HuiDa GeneFounded in 2018 by Yang Hui, Yao Xuan, and others, focused on discovering, designing, and developing gene editing tools and gene therapies with the aim of rewriting the future of genomic medicine. Its long-term goal is to treat genetic disorders and chronic diseases that threaten human health through gene editing technology.


The company has built a comprehensive suite of CRISPR tools, covering technologies such as DNA cutting, RNA interference, base editing, and epigenetic regulation. Based on the specific characteristics of different diseases, appropriate technical pathways can be selected to advance the application research of various gene-editing therapies. In this process,Ophthalmic Drug HG004Successfully completed international multicenter clinical Phase 1/2First Subject Dosed


RuiZheng GeneFounded in 2021, focused onNon-viral vectorThe research, industrialization, and commercialization of in vivo gene editing drugs. The company has built an industry-level end-to-end in vivo gene editing technology platform and successfully developed a series of core gene editing and delivery patent technologies, including those that have been obtained.Base editor with U.S. patent.

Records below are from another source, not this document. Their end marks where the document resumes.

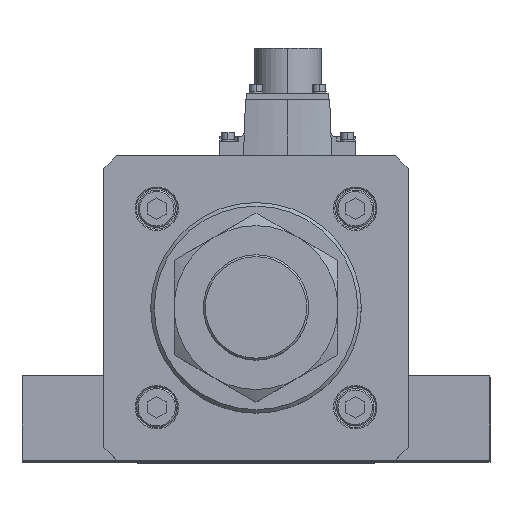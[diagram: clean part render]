
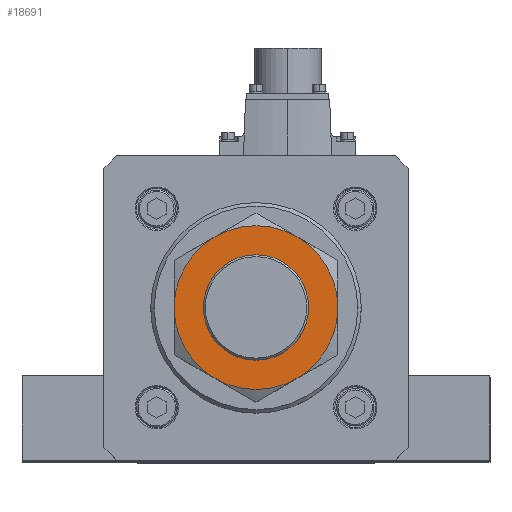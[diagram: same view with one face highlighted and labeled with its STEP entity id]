
A CAD part, top view. The second image highlights one B-rep face of the part: STEP entity #18691.
In plain terms, the highlighted planar face has unit normal (0, 0, 1).
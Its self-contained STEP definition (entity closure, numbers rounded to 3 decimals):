
#1370 = CARTESIAN_POINT ( 'NONE',  ( 0., 0., 27. ) ) ;
#1588 = DIRECTION ( 'NONE',  ( 1., 0., 0. ) ) ;
#1656 = DIRECTION ( 'NONE',  ( -1., 0., 0. ) ) ;
#2298 = VERTEX_POINT ( 'NONE', #36507 ) ;
#2450 = DIRECTION ( 'NONE',  ( 0., 0., -1. ) ) ;
#2922 = DIRECTION ( 'NONE',  ( -1., 0., 0. ) ) ;
#3208 = VERTEX_POINT ( 'NONE', #25170 ) ;
#3801 = PLANE ( 'NONE',  #13405 ) ;
#4415 = CARTESIAN_POINT ( 'NONE',  ( 0., 0., 27. ) ) ;
#4751 = CIRCLE ( 'NONE', #35648, 22.5 ) ;
#4798 = CIRCLE ( 'NONE', #20198, 35. ) ;
#5333 = DIRECTION ( 'NONE',  ( 0., 0., 1. ) ) ;
#5786 = DIRECTION ( 'NONE',  ( 0., 0., -1. ) ) ;
#6560 = CIRCLE ( 'NONE', #29074, 35. ) ;
#6989 = EDGE_CURVE ( 'NONE', #28562, #7024, #9219, .T. ) ;
#7024 = VERTEX_POINT ( 'NONE', #26561 ) ;
#7150 = DIRECTION ( 'NONE',  ( 0., 0., 1. ) ) ;
#8490 = AXIS2_PLACEMENT_3D ( 'NONE', #25427, #25164, #1656 ) ;
#8491 = CARTESIAN_POINT ( 'NONE',  ( 0., 0., 27. ) ) ;
#9219 = CIRCLE ( 'NONE', #35896, 35. ) ;
#10288 = DIRECTION ( 'NONE',  ( 0., 0., 1. ) ) ;
#10477 = DIRECTION ( 'NONE',  ( 0., 0., -1. ) ) ;
#10603 = CARTESIAN_POINT ( 'NONE',  ( 0., 0., 27. ) ) ;
#10622 = ORIENTED_EDGE ( 'NONE', *, *, #26864, .F. ) ;
#11230 = CARTESIAN_POINT ( 'NONE',  ( 0., 0., 27. ) ) ;
#13405 = AXIS2_PLACEMENT_3D ( 'NONE', #1370, #10288, #16248 ) ;
#13539 = EDGE_LOOP ( 'NONE', ( #35560, #20894 ) ) ;
#13992 = DIRECTION ( 'NONE',  ( 1., 0., 0. ) ) ;
#14338 = CIRCLE ( 'NONE', #17176, 22.5 ) ;
#14661 = EDGE_LOOP ( 'NONE', ( #22094, #33001, #10622, #25059, #21276, #36307 ) ) ;
#15016 = FACE_OUTER_BOUND ( 'NONE', #14661, .T. ) ;
#16036 = CARTESIAN_POINT ( 'NONE',  ( -17.5, 30.311, 27. ) ) ;
#16248 = DIRECTION ( 'NONE',  ( 1., 0., 0. ) ) ;
#17079 = DIRECTION ( 'NONE',  ( 0., 0., -1. ) ) ;
#17176 = AXIS2_PLACEMENT_3D ( 'NONE', #26005, #5333, #13992 ) ;
#18691 = ADVANCED_FACE ( 'NONE', ( #15016, #34469 ), #3801, .T. ) ;
#19681 = CARTESIAN_POINT ( 'NONE',  ( -22.5, 0., 27. ) ) ;
#19769 = CARTESIAN_POINT ( 'NONE',  ( 0., 0., 27. ) ) ;
#20196 = CIRCLE ( 'NONE', #25356, 35. ) ;
#20198 = AXIS2_PLACEMENT_3D ( 'NONE', #11230, #2450, #31665 ) ;
#20361 = EDGE_CURVE ( 'NONE', #3208, #35975, #6560, .T. ) ;
#20894 = ORIENTED_EDGE ( 'NONE', *, *, #27470, .F. ) ;
#21276 = ORIENTED_EDGE ( 'NONE', *, *, #6989, .F. ) ;
#22094 = ORIENTED_EDGE ( 'NONE', *, *, #20361, .F. ) ;
#22613 = DIRECTION ( 'NONE',  ( -1., 0., 0. ) ) ;
#25059 = ORIENTED_EDGE ( 'NONE', *, *, #28136, .F. ) ;
#25164 = DIRECTION ( 'NONE',  ( 0., 0., -1. ) ) ;
#25170 = CARTESIAN_POINT ( 'NONE',  ( 35., 0., 27. ) ) ;
#25336 = DIRECTION ( 'NONE',  ( -1., 0., 0. ) ) ;
#25356 = AXIS2_PLACEMENT_3D ( 'NONE', #19769, #37227, #34368 ) ;
#25427 = CARTESIAN_POINT ( 'NONE',  ( 0., 0., 27. ) ) ;
#25800 = EDGE_CURVE ( 'NONE', #25999, #2298, #4751, .T. ) ;
#25999 = VERTEX_POINT ( 'NONE', #19681 ) ;
#26005 = CARTESIAN_POINT ( 'NONE',  ( 0., 0., 27. ) ) ;
#26561 = CARTESIAN_POINT ( 'NONE',  ( -35., 0., 27. ) ) ;
#26864 = EDGE_CURVE ( 'NONE', #32025, #32312, #29609, .T. ) ;
#27316 = AXIS2_PLACEMENT_3D ( 'NONE', #37369, #17079, #22613 ) ;
#27470 = EDGE_CURVE ( 'NONE', #2298, #25999, #14338, .T. ) ;
#28136 = EDGE_CURVE ( 'NONE', #7024, #32025, #37410, .T. ) ;
#28562 = VERTEX_POINT ( 'NONE', #34086 ) ;
#29074 = AXIS2_PLACEMENT_3D ( 'NONE', #10603, #10477, #25336 ) ;
#29609 = CIRCLE ( 'NONE', #8490, 35. ) ;
#31665 = DIRECTION ( 'NONE',  ( -1., 0., 0. ) ) ;
#32025 = VERTEX_POINT ( 'NONE', #16036 ) ;
#32312 = VERTEX_POINT ( 'NONE', #34899 ) ;
#33001 = ORIENTED_EDGE ( 'NONE', *, *, #38291, .F. ) ;
#34086 = CARTESIAN_POINT ( 'NONE',  ( -17.5, -30.311, 27. ) ) ;
#34368 = DIRECTION ( 'NONE',  ( -1., 0., 0. ) ) ;
#34469 = FACE_BOUND ( 'NONE', #13539, .T. ) ;
#34899 = CARTESIAN_POINT ( 'NONE',  ( 17.5, 30.311, 27. ) ) ;
#35560 = ORIENTED_EDGE ( 'NONE', *, *, #25800, .F. ) ;
#35648 = AXIS2_PLACEMENT_3D ( 'NONE', #4415, #7150, #1588 ) ;
#35896 = AXIS2_PLACEMENT_3D ( 'NONE', #8491, #5786, #2922 ) ;
#35975 = VERTEX_POINT ( 'NONE', #36420 ) ;
#36307 = ORIENTED_EDGE ( 'NONE', *, *, #36643, .F. ) ;
#36420 = CARTESIAN_POINT ( 'NONE',  ( 17.5, -30.311, 27. ) ) ;
#36507 = CARTESIAN_POINT ( 'NONE',  ( 22.5, 0., 27. ) ) ;
#36643 = EDGE_CURVE ( 'NONE', #35975, #28562, #20196, .T. ) ;
#37227 = DIRECTION ( 'NONE',  ( 0., 0., -1. ) ) ;
#37369 = CARTESIAN_POINT ( 'NONE',  ( 0., 0., 27. ) ) ;
#37410 = CIRCLE ( 'NONE', #27316, 35. ) ;
#38291 = EDGE_CURVE ( 'NONE', #32312, #3208, #4798, .T. ) ;
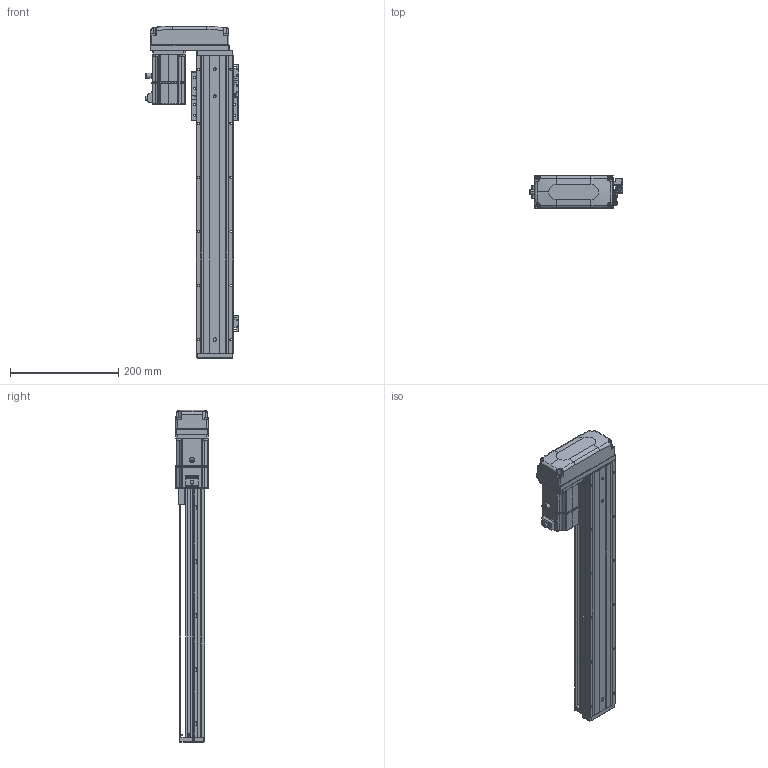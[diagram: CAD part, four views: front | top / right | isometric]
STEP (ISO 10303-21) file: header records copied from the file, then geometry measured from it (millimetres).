
FILE_DESCRIPTION (( 'STEP AP203' ), '1' );
FILE_NAME ('KTHAL60-400-BR-M20-C4L.step', '2022-12-16T02:15:17', ( '微软用户' ), ( '微软中国' ), 'SwSTEP 2.0', 'SolidWorks 2020', '' );
FILE_SCHEMA (( 'CONFIG_CONTROL_DESIGN' ));
Length unit declared in the file: millimetre
Products named in the file (17): KTHAL60-400-BR-M20-C4L; KTHA60-005; GBT77-2000M3-3; GB¨uT 70.2-M3¡Á5_M3¡Á6; GBT 70.1-M3℅6; GBT 70.3-M3℅6; CTHA60-016; EE_SX911P_R; _X2_4E0983F1_X0_200W_1; KTHA60-001_550; CTHA60-017; CTHA60-015-4_CTHA60-015-4; KTHLA60-002; CTHA60-021; GTH80-026; KTHA60-004; GBT 70.1-M4×16
Assembly tree (45 placements, depth 2):
  KTHAL60-400-BR-M20-C4L
    KTHA60-001_550
    KTHLA60-002
    KTHA60-004
    KTHA60-005
    GB¨uT 70.2-M3¡Á5_M3¡Á6  x5
    GBT 70.3-M3℅6  x4
    EE_SX911P_R  x3
    CTHA60-017  x3
    CTHA60-021  x2
    GBT 70.1-M4×16  x8
    GBT77-2000M3-3  x6
    GBT 70.1-M3℅6  x6
    CTHA60-016
    _X2_4E0983F1_X0_200W_1
    CTHA60-015-4_CTHA60-015-4
    GTH80-026
Bounding box: 173.02 x 62.42 x 614 mm (x, y, z)
Volume: 1759765.1 mm3; surface area: 370622.1 mm2
Topology: 48 solids, 48 shells, 2331 faces, 5548 edges, 3409 vertices
Faces by surface type: plane 1247, cylinder 617, cone 268, bspline 103, torus 82, sphere 14
Entity records: 45247 total; most frequent: CARTESIAN_POINT 10154, DIRECTION 6811, ORIENTED_EDGE 6720, EDGE_CURVE 3360, AXIS2_PLACEMENT_3D 2350, LINE 2111, VECTOR 2111, VERTEX_POINT 2093

In August 2025, Raygen Gene successfully completedRound AFinancing, amounting to75 million US dollars,KangzheThus becoming the controlling shareholder.


Overall, the research on ADAR RNA editing solutions worldwide exhibits significant characteristics of diversified targets and a broad range of indications. International giants and emerging forces in China are advancing side by side. Although their technological approaches focus on recruiting endogenous ADAR, distinctive layouts have been formed in specific disease areas, target selection, and delivery tools.